I'm thinking you mean in the case of observing a regular black hole (not an extra-universe observer, observing the universe).

 An observer inside a black hole would not observe these effects, he would see light from the outside observer just fine - the horizon is a one way barrier. This barrier is "outside can't see inside" for a black hole, it's "inside can't see outside" for the universe.
Right, with an ordinary blackhole. What I'm suggesting is to take all of these effects and turn them inside-out (the infinite density is beyond the sphere, not within the sphere).

 Thus what's similar is the existence of a horizon in both cases, but it's not right to think of the universe as being a black hole.
Actually, I'm thinking of the extra-universe as a black hole (perceived, not real), not the universe itself.

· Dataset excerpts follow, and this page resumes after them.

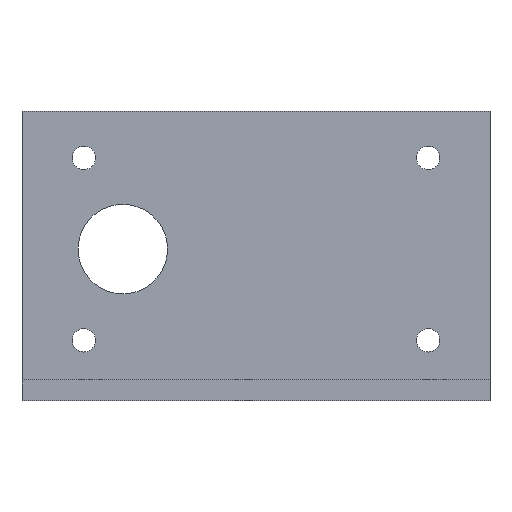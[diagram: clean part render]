
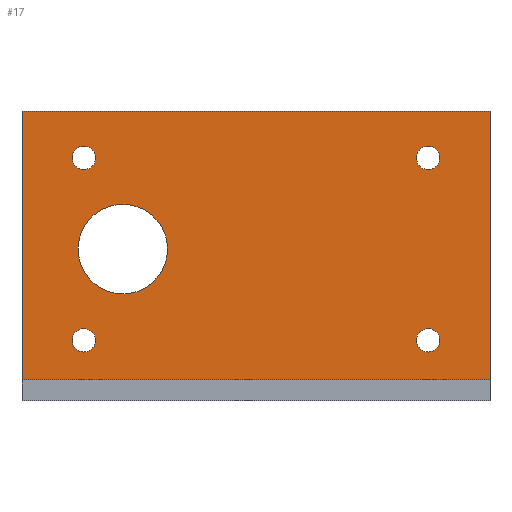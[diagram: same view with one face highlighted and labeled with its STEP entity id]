
A CAD part, left-side view. The second image highlights one B-rep face of the part: STEP entity #17.
In plain terms, the highlighted planar face has unit normal (-1, 0, 0).
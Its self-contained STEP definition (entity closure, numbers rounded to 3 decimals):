
#17 = ADVANCED_FACE('',(#18,#52,#63,#74,#85,#96),#107,.F.);
#18 = FACE_BOUND('',#19,.F.);
#19 = EDGE_LOOP('',(#20,#30,#38,#46));
#20 = ORIENTED_EDGE('',*,*,#21,.F.);
#21 = EDGE_CURVE('',#22,#24,#26,.T.);
#22 = VERTEX_POINT('',#23);
#23 = CARTESIAN_POINT('',(86.,26.65,21.));
#24 = VERTEX_POINT('',#25);
#25 = CARTESIAN_POINT('',(86.,26.65,60.));
#26 = LINE('',#27,#28);
#27 = CARTESIAN_POINT('',(86.,26.65,21.));
#28 = VECTOR('',#29,1.);
#29 = DIRECTION('',(0.,0.,1.));
#30 = ORIENTED_EDGE('',*,*,#31,.T.);
#31 = EDGE_CURVE('',#22,#32,#34,.T.);
#32 = VERTEX_POINT('',#33);
#33 = CARTESIAN_POINT('',(86.,94.65,21.));
#34 = LINE('',#35,#36);
#35 = CARTESIAN_POINT('',(86.,26.65,21.));
#36 = VECTOR('',#37,1.);
#37 = DIRECTION('',(0.,1.,0.));
#38 = ORIENTED_EDGE('',*,*,#39,.T.);
#39 = EDGE_CURVE('',#32,#40,#42,.T.);
#40 = VERTEX_POINT('',#41);
#41 = CARTESIAN_POINT('',(86.,94.65,60.));
#42 = LINE('',#43,#44);
#43 = CARTESIAN_POINT('',(86.,94.65,21.));
#44 = VECTOR('',#45,1.);
#45 = DIRECTION('',(0.,0.,1.));
#46 = ORIENTED_EDGE('',*,*,#47,.F.);
#47 = EDGE_CURVE('',#24,#40,#48,.T.);
#48 = LINE('',#49,#50);
#49 = CARTESIAN_POINT('',(86.,26.65,60.));
#50 = VECTOR('',#51,1.);
#51 = DIRECTION('',(0.,1.,0.));
#52 = FACE_BOUND('',#53,.F.);
#53 = EDGE_LOOP('',(#54));
#54 = ORIENTED_EDGE('',*,*,#55,.F.);
#55 = EDGE_CURVE('',#56,#56,#58,.T.);
#56 = VERTEX_POINT('',#57);
#57 = CARTESIAN_POINT('',(86.,85.65,28.45));
#58 = CIRCLE('',#59,1.7);
#59 = AXIS2_PLACEMENT_3D('',#60,#61,#62);
#60 = CARTESIAN_POINT('',(86.,85.65,26.75));
#61 = DIRECTION('',(1.,0.,-0.));
#62 = DIRECTION('',(0.,0.,1.));
#63 = FACE_BOUND('',#64,.F.);
#64 = EDGE_LOOP('',(#65));
#65 = ORIENTED_EDGE('',*,*,#66,.F.);
#66 = EDGE_CURVE('',#67,#67,#69,.T.);
#67 = VERTEX_POINT('',#68);
#68 = CARTESIAN_POINT('',(86.,80.,46.5));
#69 = CIRCLE('',#70,6.5);
#70 = AXIS2_PLACEMENT_3D('',#71,#72,#73);
#71 = CARTESIAN_POINT('',(86.,80.,40.));
#72 = DIRECTION('',(1.,0.,-0.));
#73 = DIRECTION('',(0.,0.,1.));
#74 = FACE_BOUND('',#75,.F.);
#75 = EDGE_LOOP('',(#76));
#76 = ORIENTED_EDGE('',*,*,#77,.F.);
#77 = EDGE_CURVE('',#78,#78,#80,.T.);
#78 = VERTEX_POINT('',#79);
#79 = CARTESIAN_POINT('',(86.,85.65,54.95));
#80 = CIRCLE('',#81,1.7);
#81 = AXIS2_PLACEMENT_3D('',#82,#83,#84);
#82 = CARTESIAN_POINT('',(86.,85.65,53.25));
#83 = DIRECTION('',(1.,0.,-0.));
#84 = DIRECTION('',(0.,0.,1.));
#85 = FACE_BOUND('',#86,.F.);
#86 = EDGE_LOOP('',(#87));
#87 = ORIENTED_EDGE('',*,*,#88,.F.);
#88 = EDGE_CURVE('',#89,#89,#91,.T.);
#89 = VERTEX_POINT('',#90);
#90 = CARTESIAN_POINT('',(86.,35.65,28.45));
#91 = CIRCLE('',#92,1.7);
#92 = AXIS2_PLACEMENT_3D('',#93,#94,#95);
#93 = CARTESIAN_POINT('',(86.,35.65,26.75));
#94 = DIRECTION('',(1.,0.,-0.));
#95 = DIRECTION('',(0.,0.,1.));
#96 = FACE_BOUND('',#97,.F.);
#97 = EDGE_LOOP('',(#98));
#98 = ORIENTED_EDGE('',*,*,#99,.F.);
#99 = EDGE_CURVE('',#100,#100,#102,.T.);
#100 = VERTEX_POINT('',#101);
#101 = CARTESIAN_POINT('',(86.,35.65,54.95));
#102 = CIRCLE('',#103,1.7);
#103 = AXIS2_PLACEMENT_3D('',#104,#105,#106);
#104 = CARTESIAN_POINT('',(86.,35.65,53.25));
#105 = DIRECTION('',(1.,0.,-0.));
#106 = DIRECTION('',(0.,0.,1.));
#107 = PLANE('',#108);
#108 = AXIS2_PLACEMENT_3D('',#109,#110,#111);
#109 = CARTESIAN_POINT('',(86.,26.65,21.));
#110 = DIRECTION('',(1.,0.,0.));
#111 = DIRECTION('',(0.,0.,1.));
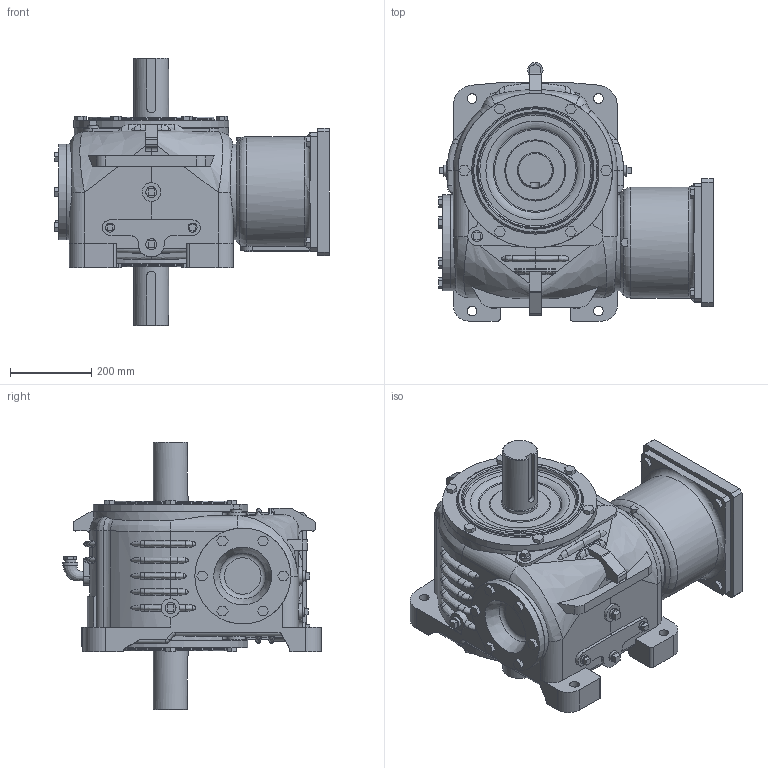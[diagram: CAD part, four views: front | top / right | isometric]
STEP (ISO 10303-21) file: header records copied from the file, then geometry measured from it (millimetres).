
FILE_DESCRIPTION(/* description */ ('Unknown'),/* implementation_level */ '2;1');
FILE_NAME(/* name */ 'V70CB-7CD01SBD-',/* time_stamp */ '2024-11-21T16:06:50-05:00',/* author */ ('Unknown'),/* organization */ ('Unknown'),/* preprocessor_version */ 'ST-DEVELOPER v19.4',/* originating_system */ 'Solid Edge',/* authorisation */ 'Unknown');
FILE_SCHEMA (('AUTOMOTIVE_DESIGN {1 0 10303 214 3 1 1}'));
Length unit declared in the file: millimetre
Products named in the file (7): V70CB-7CD01SBD-; 70-5-CP; 70-OUTS; 70-WCAP; 70-SM20-4-CP; MP5D-01-CP; KM600-S-48
Assembly tree (7 placements, depth 2):
  V70CB-7CD01SBD-
    70-5-CP
    70-OUTS  x2
    70-WCAP
    70-SM20-4-CP
    MP5D-01-CP
    KM600-S-48
Bounding box: 676.57 x 638.07 x 660.37 mm (x, y, z)
Volume: 61452318.5 mm3; surface area: 3177370.6 mm2
Topology: 7 solids, 8 shells, 741 faces, 1842 edges, 1207 vertices
Faces by surface type: plane 450, cylinder 134, bspline 127, torus 18, cone 12
Full cylindrical faces by diameter (mm): 0.254 x7, 13.835 x4, 15.875 x8, 22.225 x2, 23.812 x10, 26.924 x6, 38.1 x1, 44.45 x1, 45.72 x3, 47.625 x1, 85.712 x2, 88.9 x2, 94.5 x1, 106.68 x1, 122 x1, 154 x1, 171.45 x1, 171.475 x1, 171.958 x1, 171.983 x1, 177.8 x1, 177.825 x1, 178.308 x1, 236.22 x3, 250 x1, 254 x1, 269.875 x2, 308.665 x2, 381 x2
Entity records: 26492 total; most frequent: CARTESIAN_POINT 9903, ORIENTED_EDGE 3146, DIRECTION 2797, EDGE_CURVE 1573, VERTEX_POINT 1074, AXIS2_PLACEMENT_3D 940, LINE 917, VECTOR 917
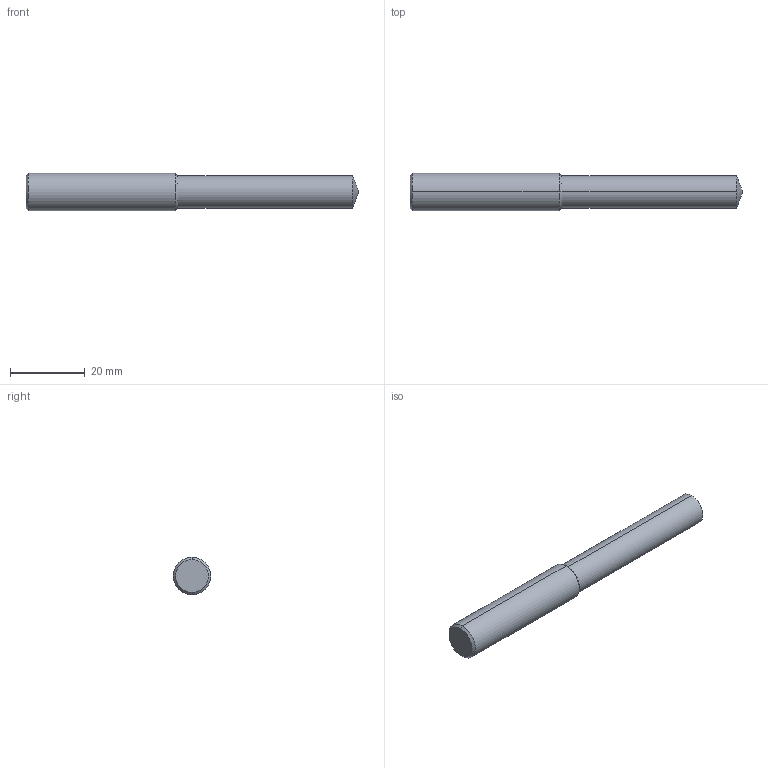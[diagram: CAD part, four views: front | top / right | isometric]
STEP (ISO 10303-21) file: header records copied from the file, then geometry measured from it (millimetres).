
FILE_DESCRIPTION (( 'STEP AP203' ), '1' );
FILE_NAME ('407014-DFX3-338A.STEP', '2024-10-02T22:10:16', ( '' ), ( '' ), 'SwSTEP 2.0', 'SolidWorks 2024', '' );
FILE_SCHEMA (( 'CONFIG_CONTROL_DESIGN' ));
Length unit declared in the file: inch
Products named in the file (1): 407014-DFX3-338A
Bounding box: 89 x 10 x 10 mm (x, y, z)
Volume: 5928.2 mm3; surface area: 2678.5 mm2
Topology: 1 solids, 1 shells, 12 faces, 22 edges, 12 vertices
Faces by surface type: cone 6, cylinder 4, plane 2
Entity records: 373 total; most frequent: DIRECTION 60, CARTESIAN_POINT 47, ORIENTED_EDGE 44, AXIS2_PLACEMENT_3D 25, EDGE_CURVE 22, FACE_OUTER_BOUND 12, ADVANCED_FACE 12, VERTEX_POINT 12
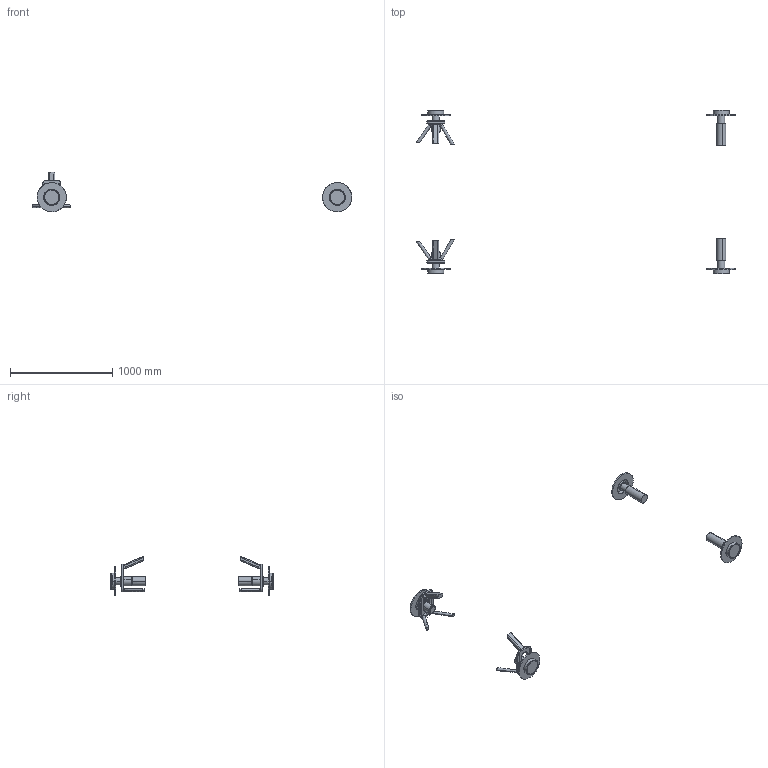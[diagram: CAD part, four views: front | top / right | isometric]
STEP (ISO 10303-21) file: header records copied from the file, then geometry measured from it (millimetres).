
FILE_DESCRIPTION(('ANSA STEP Exchange Structure File'),'2;1');
FILE_NAME('C:/Users/bhupertz/Desktop/DrivAer_Aux_CAD_240401/21_Chassis.step','2024-04-10T12:24',('bhupertz'),('none'),'ANSA 23.1.1','ANSA 23.1.1 AP214','none');
FILE_SCHEMA(('AUTOMOTIVE_DESIGN { 1 0 10303 214 1 1 1 1 }'));
Length unit declared in the file: millimetre
Products named in the file (1): 21_Chassis
Bounding box: 3119.4 x 1594.31 x 387.24 mm (x, y, z)
Volume: 12286994.4 mm3; surface area: 1531023.2 mm2
Topology: 10 solids, 10 shells, 256 faces, 608 edges, 400 vertices
Faces by surface type: bspline 152, revolution 104
Entity records: 19636 total; most frequent: CARTESIAN_POINT 15009, ORIENTED_EDGE 1216, B_SPLINE_CURVE_WITH_KNOTS 608, EDGE_CURVE 608, VERTEX_POINT 400, EDGE_LOOP 296, FACE_OUTER_BOUND 256, ADVANCED_FACE 256

 As far as the gravity of rapidly moving objects go, it doesn't behave like you think it does. For instance, take the following scenario spaceship1-------------->black hole spaceship2 Spaceship1 heads directly towards a black hole at a high rate of speed, passig spaceship2 which is stationary with respect to the black hole. Does the black hole appear heavier to spaceship 1 when it passes spaceship2, because of the relative motion? (Spaceship1 can consider that the black hole is moving directly towards it.) The answer as to the black hole's apparent gravity depends on the coordinate system used, but a simple measurement that's easy to do on the two spaceships is to measure the difference in gravity along the length of the ship (the tidal force). If the black hole appeared heavier, we would expect that spaceship1 would experience more tidal force than spaceship2. However, spaceship1 and spaceship2 will both measure the same tidal force in the above scenario. If spaceship1 was moving away from the black hole we would have the same result. If spaceship1 was moving up the page instead (with the black hole still to its right), it _would_ measure increased tidal forces as compared to spaceship 2.
Sure, but spaceship 1's mass will appear to change (relative to spaceship 2) as it approaches the black hole. But, I'm not talking about black holes (in general) here anyway.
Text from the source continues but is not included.